The domain name for Speckle.Works was registered around March 2016. This means the end of 2017 catches us approximatively 9 months into speckle’s life. As some of you may know, this is not really accurate - this incarnation of speckle is built on lessons learned in the three previous ones: speckle.xyz, beta speckle and speckle streams, with the first going back to late 2015.
Below is a roundup of the last few months. This is not, by all means, an exhaustive list! There’s many rumblings and churns, most of it geared towards a better user space and some technical debt elimination (coupled with, obviously, introduction of new technical debt).
There has been a lot of work going towards the Rhino Plugin (5 & 6), which now needs some final polish before release. Code is shared, and in theory it should be workable on Rhino for Mac with minimal changes.
Furthermore, since the UI is a completely separate layer based on VueJS (yes, in .NET! running in a browser!), bits and pieces could be used to jumpstart development for other CAD platforms - kudos to Luis for having the courage to embark us on this road!
So far, it looks good and it feels good: we hope this will entice people in the future to share and parcel their data. Some of us don’t scale well on Grasshoppers.
A big and invisible update: The .NET Rhino and Grasshopper plugin have been consolidated into one monorepo with the help of @Will Pearson and @Luis Fraguada. They have also set up a CI build system which makes development much more consistent and will hopefully lead to a proper release cycle and plugin packaging.
Furthermore, as a guarantee to Speckle’s openness, all code repositories have moved under a github organisation that is open to membership if you have something to contribute. Just ask!
In response to industry feedback (sounds so formal - let’s call them solid chats with peeps doing real stuff!), Speckle Core has gotten a really sweet update to support Abstract Objects of any type and nature (within reason), thus paving the way for a truly schema agnostic future that does not compromise on transparency or flexibility. You can read more about it here.
Furthermore, Paul is looking into bringing the data richness agenda into main stream Rhino, to lower the bars for efficient intelligent design data communication. Expect news soon, right @paul_dotnet? No pressure.

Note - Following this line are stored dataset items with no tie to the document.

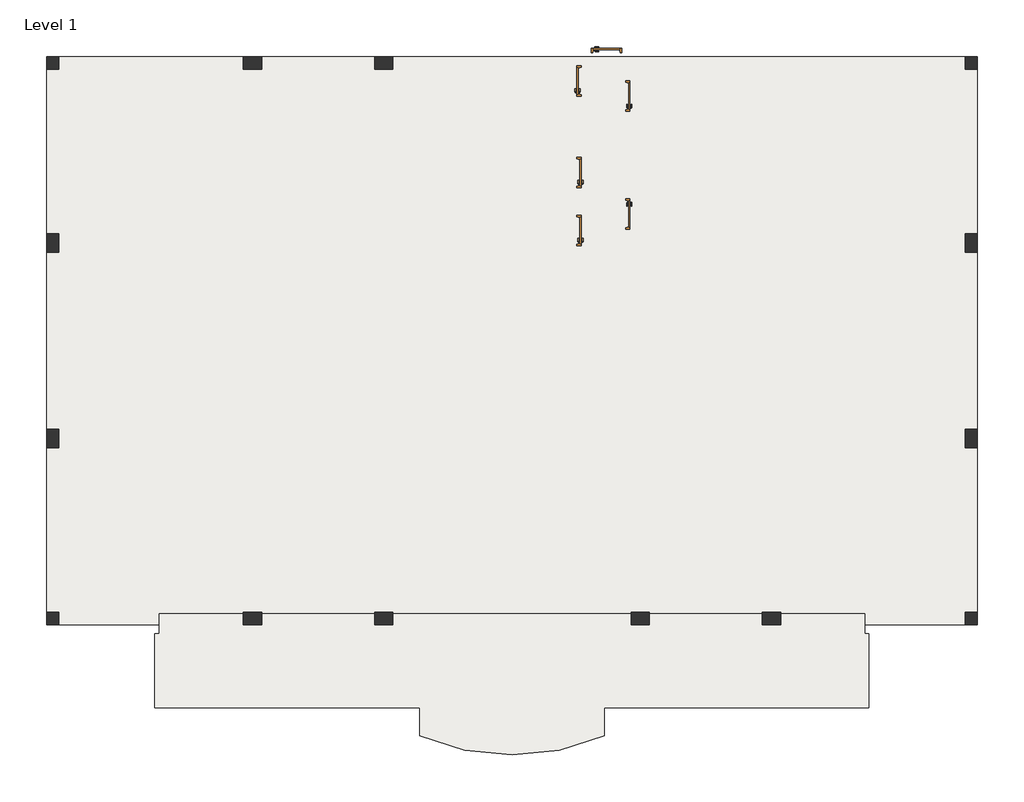
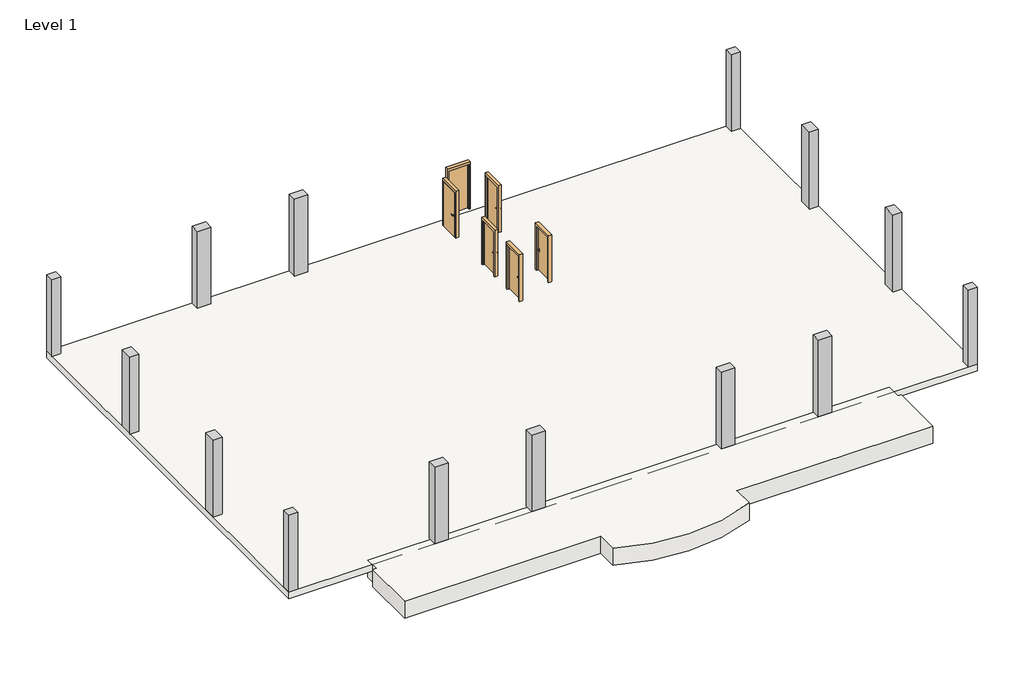
# One storey: 14 columns, 6 doors, 2 slabs.
"""IFC4 building model written with IfcOpenShell, lengths in millimetres."""

import ifcopenshell
import ifcopenshell.guid

model = None  # the IFC model being written
_history = None  # IfcOwnerHistory: only IFC2X3 demands one
_inside = {}  # id of a spatial element -> (the spatial element, [elements in it])
_under = {}  # id of a project, library or spatial element -> (it, [spatial elements below it])
_declared = {}  # id of a project -> (the project, [libraries it declares])
_typed = {}  # id of a type object -> (the type object, [elements of that type])
_made_of = {}  # id of a material, layer set ... -> (it, [elements and type objects made of it])


def new_model(schema):
    """Start an empty IFC model of exactly this schema.

    Asked for "IFC4X3", IfcOpenShell would pick the latest addendum, in which some entities
    have other attributes; the version numbers below select the first issue.
    IFC2X3 requires an IfcOwnerHistory on every rooted entity: one is made here for all.
    """
    global model, _history
    if schema == "IFC4X3":
        model = ifcopenshell.file(schema_version=(4, 3, 0, 0))
    else:
        model = ifcopenshell.file(schema=schema)
    _inside.clear()
    _under.clear()
    _declared.clear()
    _typed.clear()
    _made_of.clear()
    _history = None
    if model.schema == "IFC2X3":
        org = make("IfcOrganization", Name="unknown")
        user = make(
            "IfcPersonAndOrganization",
            ThePerson=make("IfcPerson", FamilyName="unknown"),
            TheOrganization=org,
        )
        app = make(
            "IfcApplication",
            ApplicationDeveloper=org,
            Version="unknown",
            ApplicationFullName="unknown",
            ApplicationIdentifier="unknown",
        )
        _history = make(
            "IfcOwnerHistory",
            OwningUser=user,
            OwningApplication=app,
            ChangeAction="ADDED",
            CreationDate=0,
        )
    return model


def make(cls, **values):
    """One entity of the class cls with the attributes given. An attribute that is None is left unset."""
    return model.create_entity(
        cls, **{name: value for name, value in values.items() if value is not None}
    )


def rooted(cls, **values):
    """An entity with a GlobalId (a new one), such as an element, a storey or a relation."""
    return make(cls, GlobalId=ifcopenshell.guid.new(), OwnerHistory=_history, **values)


def si_unit(unit_type, name, prefix=None):
    """IfcSIUnit, for example si_unit("LENGTHUNIT", "METRE", prefix="MILLI")."""
    return make("IfcSIUnit", UnitType=unit_type, Prefix=prefix, Name=name)


def assignment(units):
    """IfcUnitAssignment: the units of a project."""
    return None if units is None else make("IfcUnitAssignment", Units=units)


def point(xyz):
    """IfcCartesianPoint."""
    return None if xyz is None else make("IfcCartesianPoint", Coordinates=xyz)


def direction(xyz):
    """IfcDirection."""
    return None if xyz is None else make("IfcDirection", DirectionRatios=xyz)


def frame(location, z_axis=None, x_axis=None):
    """IfcAxis2Placement3D, a coordinate frame: its origin and axes. An axis left out is left unset."""
    return make(
        "IfcAxis2Placement3D",
        Location=point(location),
        Axis=direction(z_axis),
        RefDirection=direction(x_axis),
    )


def frame_2d(location, x_axis=None):
    """IfcAxis2Placement2D, a coordinate frame in the plane: its origin and x axis."""
    return make(
        "IfcAxis2Placement2D", Location=point(location), RefDirection=direction(x_axis)
    )


def origin():
    """The frame at (0, 0, 0) with its axes left unset."""
    return frame((0.0, 0.0, 0.0))


def origin_with_axes():
    """The frame at (0, 0, 0) with the z axis (0, 0, 1) and the x axis (1, 0, 0) written out."""
    return frame((0.0, 0.0, 0.0), z_axis=(0.0, 0.0, 1.0), x_axis=(1.0, 0.0, 0.0))


def place(relative_to, where):
    """IfcLocalPlacement: puts the frame where relative to a parent placement (None: the world)."""
    return make(
        "IfcLocalPlacement", PlacementRelTo=relative_to, RelativePlacement=where
    )


def context(
    kind, dimensions, precision=None, world=None, true_north=None, identifier=None
):
    """IfcGeometricRepresentationContext, for example the 3D "Model" context."""
    return make(
        "IfcGeometricRepresentationContext",
        ContextIdentifier=identifier,
        ContextType=kind,
        CoordinateSpaceDimension=dimensions,
        Precision=precision,
        WorldCoordinateSystem=world,
        TrueNorth=true_north,
    )


def project(units=None, contexts=None):
    """IfcProject with its units and contexts."""
    return rooted(
        "IfcProject",
        Name="project",
        RepresentationContexts=contexts,
        UnitsInContext=assignment(units),
    )


def spatial(cls, under=None, at=None, **own):
    """A site, building, storey or space (cls), placed at a placement, below another one or the project."""
    s = rooted(cls, ObjectPlacement=at, **own)
    if under is not None:
        _under.setdefault(under.id(), (under, []))[1].append(s)
    return s


def polyline(points):
    """IfcPolyline through the points."""
    return make("IfcPolyline", Points=[point(p) for p in points])


def circle_curve(where, radius):
    """IfcCircle in the frame where."""
    return make("IfcCircle", Position=where, Radius=radius)


def ellipse_curve(where, semi_axis1, semi_axis2):
    """IfcEllipse in the frame where."""
    return make(
        "IfcEllipse", Position=where, SemiAxis1=semi_axis1, SemiAxis2=semi_axis2
    )


def trimmed(basis, trim1, trim2, sense, master):
    """IfcTrimmedCurve: the piece of a basis curve between two trims."""
    return make(
        "IfcTrimmedCurve",
        BasisCurve=basis,
        Trim1=trim1,
        Trim2=trim2,
        SenseAgreement=sense,
        MasterRepresentation=master,
    )


def segment(curve, same_sense, transition):
    """IfcCompositeCurveSegment."""
    return make(
        "IfcCompositeCurveSegment",
        Transition=transition,
        SameSense=same_sense,
        ParentCurve=curve,
    )


def composite_curve(segments, self_intersect=None):
    """IfcCompositeCurve: segments joined end to end."""
    return make("IfcCompositeCurve", Segments=segments, SelfIntersect=self_intersect)


def outline(outer, holes=None, kind="AREA"):
    """IfcArbitraryClosedProfileDef: a profile drawn as a closed curve; with holes, ...WithVoids."""
    if holes is None:
        return make("IfcArbitraryClosedProfileDef", ProfileType=kind, OuterCurve=outer)
    return make(
        "IfcArbitraryProfileDefWithVoids",
        ProfileType=kind,
        OuterCurve=outer,
        InnerCurves=holes,
    )


def extrude(swept, where, along, depth):
    """IfcExtrudedAreaSolid: the profile swept, set in the frame where, extruded along a direction by depth."""
    return make(
        "IfcExtrudedAreaSolid",
        SweptArea=swept,
        Position=where,
        ExtrudedDirection=direction(along),
        Depth=depth,
    )


def faces_of(points, faces, orient=None, outer=None):
    """IfcFace entities. A face is a list of loops; a loop is a list of indices into points, from 0.

    orient and outer hold one flag for each loop. By default every Orientation is true, the
    first loop of a face is its IfcFaceOuterBound and the others are IfcFaceBound.
    """
    made = []
    for i, loops in enumerate(faces):
        bounds = []
        for j, loop in enumerate(loops):
            is_outer = j == 0 if outer is None else outer[i][j]
            bounds.append(
                make(
                    "IfcFaceOuterBound" if is_outer else "IfcFaceBound",
                    Bound=make("IfcPolyLoop", Polygon=[points[k] for k in loop]),
                    Orientation=True if orient is None else orient[i][j],
                )
            )
        made.append(make("IfcFace", Bounds=bounds))
    return made


def faceted_brep(points, faces, orient=None, outer=None, voids=None):
    """IfcFacetedBrep: a solid bounded by flat faces; with voids (closed shells), ...WithVoids."""
    shared = [point(p) for p in points]
    hull = make("IfcClosedShell", CfsFaces=faces_of(shared, faces, orient, outer))
    if voids is None:
        return make("IfcFacetedBrep", Outer=hull)
    return make(
        "IfcFacetedBrepWithVoids",
        Outer=hull,
        Voids=[
            make(cls, CfsFaces=faces_of(shared, fs, o, b)) for cls, fs, o, b in voids
        ],
    )


def shape(context_of_items, identifier, shape_type, items):
    """IfcShapeRepresentation: the items that make up one representation, for example the "Body"."""
    return make(
        "IfcShapeRepresentation",
        ContextOfItems=context_of_items,
        RepresentationIdentifier=identifier,
        RepresentationType=shape_type,
        Items=items,
    )


def source(mapping_origin, context_of_items, identifier, shape_type, items):
    """IfcRepresentationMap: a shape defined once, which mapped items show again and again."""
    return make(
        "IfcRepresentationMap",
        MappingOrigin=mapping_origin,
        MappedRepresentation=shape(context_of_items, identifier, shape_type, items),
    )


def transform(
    local_origin,
    x_axis=None,
    y_axis=None,
    z_axis=None,
    scale=None,
    scale2=None,
    scale3=None,
    uniform=True,
):
    """IfcCartesianTransformationOperator3D, or its non-uniform kind. x_axis, y_axis, z_axis: its Axis1, 2, 3."""
    if uniform:
        return make(
            "IfcCartesianTransformationOperator3D",
            Axis1=direction(x_axis),
            Axis2=direction(y_axis),
            LocalOrigin=point(local_origin),
            Scale=scale,
            Axis3=direction(z_axis),
        )
    return make(
        "IfcCartesianTransformationOperator3DnonUniform",
        Axis1=direction(x_axis),
        Axis2=direction(y_axis),
        LocalOrigin=point(local_origin),
        Scale=scale,
        Axis3=direction(z_axis),
        Scale2=scale2,
        Scale3=scale3,
    )


def mapped(mapping_source, mapping_target):
    """IfcMappedItem: shows the shape of a source again, moved by a transform."""
    return make(
        "IfcMappedItem", MappingSource=mapping_source, MappingTarget=mapping_target
    )


def made_of(thing, what):
    """Note that an element or type object is made of a material, layer set ...; save() writes the relation."""
    if what is not None:
        _made_of.setdefault(what.id(), (what, []))[1].append(thing)
    return thing


def element(
    cls,
    number,
    at=None,
    inside=None,
    cuts=None,
    type_object=None,
    material=None,
    context=None,
    identifier="Body",
    shape_type=None,
    held_by="IfcProductDefinitionShape",
    body=None,
    shapes=None,
    **own,
):
    """One element of the class cls, such as IfcWall. Its Tag is "e" and its number.

    at: its placement. inside: the storey or other place that contains it. cuts: it is an
    opening in that element (IfcRelVoidsElement). A single representation is given by context,
    identifier, shape_type and body (its items); several are given by shapes. held_by: the class
    of the entity that holds the representations. save() writes the other relations.
    """
    e = rooted(cls, Tag="e%d" % number, ObjectPlacement=at, **own)
    if body is not None:
        shapes = [shape(context, identifier, shape_type, body)]
    if shapes is not None:
        e.Representation = make(held_by, Representations=shapes)
    if inside is not None:
        _inside.setdefault(inside.id(), (inside, []))[1].append(e)
    if cuts is not None:
        rooted(
            "IfcRelVoidsElement", RelatingBuildingElement=cuts, RelatedOpeningElement=e
        )
    if type_object is not None:
        _typed.setdefault(type_object.id(), (type_object, []))[1].append(e)
    return made_of(e, material)


def aggregate(whole, parts):
    """IfcRelAggregates: a whole, such as a stair, and the parts it consists of."""
    return rooted("IfcRelAggregates", RelatingObject=whole, RelatedObjects=parts)


def save(model, path):
    """Write the relations noted so far, then the file.

    IfcRelAggregates (storeys below a building ...), IfcRelContainedInSpatialStructure (elements
    in a storey), IfcRelDefinesByType, IfcRelAssociatesMaterial and IfcRelDeclares: one each for
    every whole, place, type object, material and project.
    """
    for whole, parts in _under.values():
        aggregate(whole, parts)
    for where, things in _inside.values():
        rooted(
            "IfcRelContainedInSpatialStructure",
            RelatedElements=things,
            RelatingStructure=where,
        )
    for kind, things in _typed.values():
        rooted("IfcRelDefinesByType", RelatedObjects=things, RelatingType=kind)
    for what, things in _made_of.values():
        rooted("IfcRelAssociatesMaterial", RelatedObjects=things, RelatingMaterial=what)
    for by, libraries in _declared.values():
        rooted("IfcRelDeclares", RelatingContext=by, RelatedDefinitions=libraries)
    model.write(path)


def plane_surface(at):
    """IfcPlane: the flat surface through the origin of the frame at, square to its z axis."""
    return make("IfcPlane", Position=at)


def cylinder_surface(at, radius):
    """IfcCylindricalSurface: all points at the distance radius from the z axis of the frame at."""
    return make("IfcCylindricalSurface", Position=at, Radius=radius)


def revolved_surface(curve, axis_point, axis_direction):
    """IfcSurfaceOfRevolution: the curve turned about the line through axis_point along axis_direction."""
    return make(
        "IfcSurfaceOfRevolution",
        SweptCurve=make("IfcArbitraryOpenProfileDef", ProfileType="CURVE", Curve=curve),
        AxisPosition=make("IfcAxis1Placement", Location=point(axis_point), Axis=direction(axis_direction)),
    )


def advanced_brep(points, edges, surfaces, faces):
    """IfcAdvancedBrep: a solid bounded by faces that lie on surfaces and meet in shared edges.

    An edge is (start, end): straight between two places in points (the first is 0);
    or (start, end, curve); or (start, end, curve, False) where it runs against its curve.
    A face is (place in surfaces, loops), or (place, loops, False) where it looks against
    its surface's normal. A loop lists edges by number (the first is 1), with a minus sign
    where the edge is run from its end to its start. The first loop is the outer one.
    """
    corners = [point(p) for p in points]
    vertices = [make("IfcVertexPoint", VertexGeometry=c) for c in corners]
    made = []
    for start, end, *more in edges:
        made.append(
            make(
                "IfcEdgeCurve",
                EdgeStart=vertices[start],
                EdgeEnd=vertices[end],
                EdgeGeometry=more[0] if more else make("IfcPolyline", Points=[corners[start], corners[end]]),
                SameSense=more[1] if len(more) > 1 else True,
            )
        )
    hull = []
    for where, loops, *sense in faces:
        bounds = []
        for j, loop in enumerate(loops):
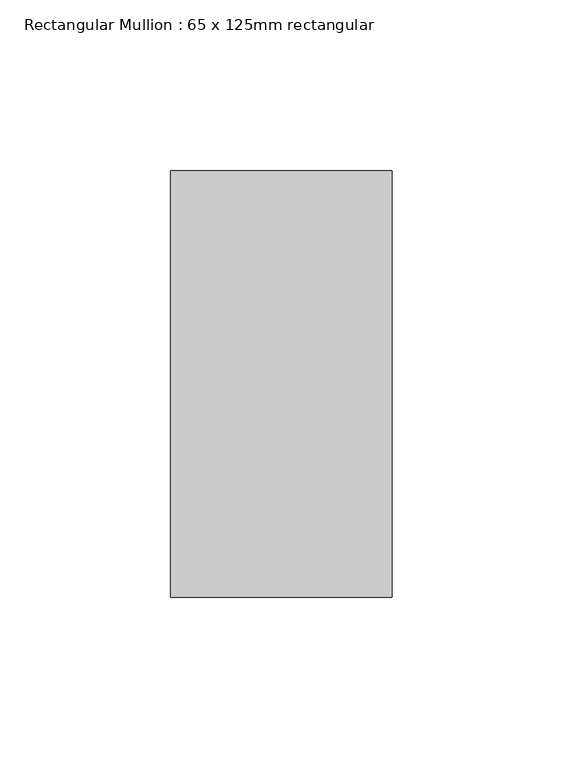
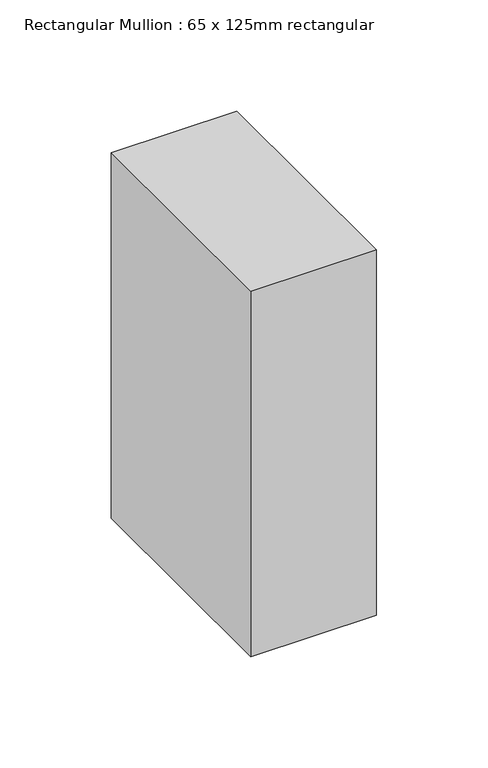
"""IFC4 building model written with IfcOpenShell, lengths in millimetres: member geometry, Rectangular Mullion : 65 x 125mm rectangular."""

from ifc_helpers import new_model, si_unit, frame, origin, place, context, project, spatial, polyline, outline, extrude, source, transform, mapped, element, save


def rectangular_mullion_65_x_125mm_rectangular_dd0f1ba9(model_context):
    return source(origin(), model_context, "Body", "SweptSolid", [
        extrude(outline(polyline([(0.0, 62.5), (0.0, -62.5), (-65.0, -62.5), (-65.0, 62.5), (0.0, 62.5)])), frame((0.0, 0.0, -200.0), z_axis=(0.0, 0.0, 1.0), x_axis=(1.0, 0.0, 0.0)), (0.0, 0.0, 1.0), 200.0),
    ])


if __name__ == "__main__":
    model = new_model("IFC4")
    model_context = context("Model", 3, world=origin())
    ifc_project = project(units=[si_unit("LENGTHUNIT", "METRE", prefix="MILLI")], contexts=[model_context])
    site = spatial("IfcSite", under=ifc_project)
    building = spatial("IfcBuilding", under=site)
    placement = place(None, origin())
    rectangular_mullion_65_x_125mm_rectangular_shape = rectangular_mullion_65_x_125mm_rectangular_dd0f1ba9(model_context)
    element("IfcMember", 1, ObjectType="Rectangular Mullion : 65 x 125mm rectangular", at=placement, inside=building, context=model_context, shape_type="MappedRepresentation", body=[
        mapped(rectangular_mullion_65_x_125mm_rectangular_shape, transform((0.0, 0.0, 0.0), x_axis=(1.0, 0.0, 0.0), y_axis=(0.0, 1.0, 0.0), z_axis=(0.0, 0.0, 1.0))),
    ])
    save(model, "model.ifc")

# Revit data of these elements
# Type "Rectangular Mullion : 65 x 125mm rectangular"
#   built-in parameter 1007304 = 0.410105 (stored number, unit not read)
#   built-in parameter 1007301 = 0.106627 (stored number, unit not read)
#   built-in parameter 1007300 = 0.106627 (stored number, unit not read)
# Element 1 (IfcMember, "Rectangular Mullion : 65 x 125mm rectangular")
#   Materials on its faces: "Aluminum"
# Materials
#   "Aluminum": class "Metal", colour RGB 244 245 246, transparency 0, Description = "Aluminum 6061", Cost = 0

Speckle Core (.NET) has steadily improved - and will most probably continue to do so. It’s now more modular and accessible, and it’s a good low level foundation for building plugins, to the extent you can do them straight away in c# scripting nodes in grasshopper!
One thing that didn’t make it on this list: proper namespacing. But you know, naming things is hard.
Just before holidays, we’ve seen Blender added to the future of Speckle: Tom Svilans has published an initial sketch of a Speckle client! I have no idea how it works, having never taken Blender beyond sub-d-ing a cube around, but this is definitively exciting!
The Slack group has grown from its meager beginnings when Luis set it up for me and him to coordinate better to a behemoth of 120+ people. Thank the fortunes not everyone’s talking at the same time!
Keep on ignoring the warnings that we need to start paying - we’ll get there, and we will hopefully find a way to circumvent and keep on spamming each other with amazing emojis.
Speckle also got its first (now outdated) version release - 003, that introduced many goodies, like a more powerful API, queries, diffing, a new stream viewer ui with sliders, etc.
What has been proven so far is that it’s possible: we can have an open source design communication platform that is owned by its users. It’s a lot of work!